Gaussian: normally three criteria are used.

  • The RMS change in the density matrix elements, with a default of 1.0E-4 (1.0E-8 for geo opts).

  • Maximum change in the density matrix elements, with a default of 1.0E-2 (1.0E-6 for geo opts).

  • The change in energy, with a default threshold of 5.0E-05 (1.0E-06 for geo opts).

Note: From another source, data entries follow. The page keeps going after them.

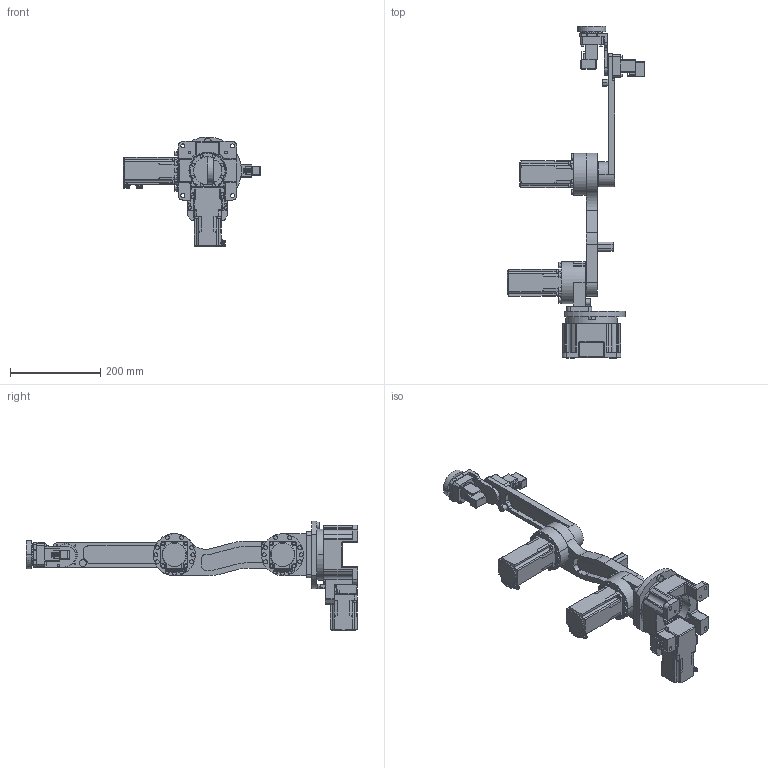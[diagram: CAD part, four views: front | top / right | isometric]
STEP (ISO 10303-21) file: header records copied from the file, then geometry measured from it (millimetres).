
FILE_DESCRIPTION (( 'STEP AP203' ), '1' );
FILE_NAME ('R029.STEP', '2026-06-26T00:54:04', ( '' ), ( '' ), 'SwSTEP 2.0', 'SolidWorks 2023', '' );
FILE_SCHEMA (( 'CONFIG_CONTROL_DESIGN' ));
Length unit declared in the file: millimetre
Products named in the file (7): R029_Movingpart3; R029_Movingpart1; R029_Movingpart2; R029; R029_Movingpart5; R029_Movingpart4; R029_BASE
Assembly tree (6 placements, depth 2):
  R029
    R029_BASE
    R029_Movingpart1
    R029_Movingpart2
    R029_Movingpart3
    R029_Movingpart4
    R029_Movingpart5
Bounding box: 305.5 x 736 x 243.74 mm (x, y, z)
Volume: 3687277.8 mm3; surface area: 482145.1 mm2
Topology: 6 solids, 24 shells, 2028 faces, 5087 edges, 3218 vertices
Faces by surface type: cylinder 983, plane 826, cone 125, torus 64, bspline 20, sphere 10
Entity records: 62651 total; most frequent: CARTESIAN_POINT 12328, DIRECTION 10981, ORIENTED_EDGE 9954, EDGE_CURVE 4977, AXIS2_PLACEMENT_3D 4157, VERTEX_POINT 3218, VECTOR 2667, LINE 2667
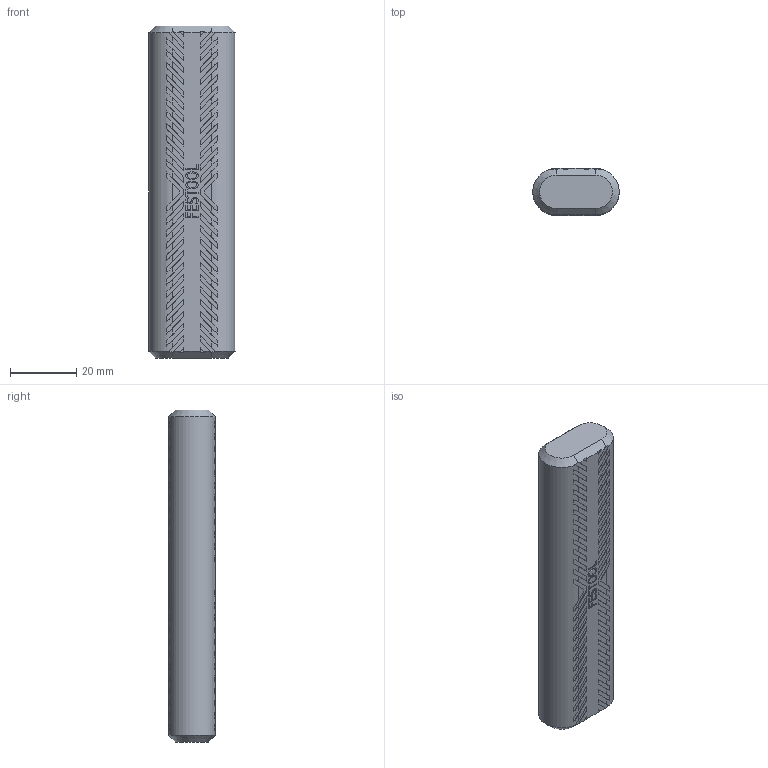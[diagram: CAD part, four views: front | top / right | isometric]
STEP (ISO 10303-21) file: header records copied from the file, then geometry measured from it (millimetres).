
FILE_DESCRIPTION(('Creo Elements/Direct Modeling STEP Export'),'2;1');
FILE_NAME('Domino_14x100.stp','2024-01-19T 8:04:17',(''),(''),'Creo Elements/Direct Modeling STEP processor for AP214 (Solid Model)','Creo Elements/Direct Modeling 20.5A 14-Oct-2022 (C) Parametric Technology GmbH','');
FILE_SCHEMA(('AUTOMOTIVE_DESIGN { 1 0 10303 214 1 1 1 1 }'));
Length unit declared in the file: millimetre
Products named in the file (1): 14x100_00701427
Bounding box: 25.95 x 14 x 100 mm (x, y, z)
Volume: 31765.7 mm3; surface area: 7632.3 mm2
Topology: 1 solids, 1 shells, 958 faces, 2787 edges, 1858 vertices
Faces by surface type: plane 952, cone 4, cylinder 2
Entity records: 29977 total; most frequent: ORIENTED_EDGE 5574, CARTESIAN_POINT 5480, DIRECTION 4465, EDGE_CURVE 2787, VECTOR 2363, LINE 2363, VERTEX_POINT 1858, AXIS2_PLACEMENT_3D 1051

Jaguar 4.2: The targets in Jaguar 4.2 (based on the manual) depend on whether the job is a geometry optimisation or not. For geometry optimisations and hyper/polarisability calculation, the RMS change in the density matrix elements is used as a criterion (controlled by the dconv keyword), with a default of 5.0E6. The energy convergence criterion (keyword econv) is ignored for geometry optimisation calculations but is used for SCF calculations, and the default in this case is 5.0E5, except for hyper/polarisability calcualtions where it is 1.0E6.

scfvalues

The attribute scfvalues is a list of arrays of dimension n x m (one element for each step in a geometry optimisation), where n is the number of SCF cycles required for convergence and m is the number of SCF convergence target criteria. For some packages, you may need to include a directive to make sure that SCF convergence information is printed to the log file

Gaussian: requires the route section to start with #P

GAMESS-UK: convergence information is printed only for the first optimisation step by default, but can be forced at all steps by adding IPRINT SCF to the input file.

vibdisps

The attribute vibdisps stores the Cartesian displacement vectors from the output of a vibrational frequency calculation. It is a rank 3 array having dimensions M x N x 3, where M is the number of normal modes and N is the number of atoms. M is typically 3N-6 (3N-5 for linear molecules).

vibfconsts

The attribute vibrmasses stores the force constants in \(\mathrm{Å^4/Da}\) from vibrational frequency calculation. It is a rank 1 array having dimension M, where M is the number of normal modes.

vibrmasses

The attribute vibrmasses stores the reduced masses in Daltons (Da) from vibrational frequency calculation. It is a rank 1 array having dimension M, where M is the number of normal modes.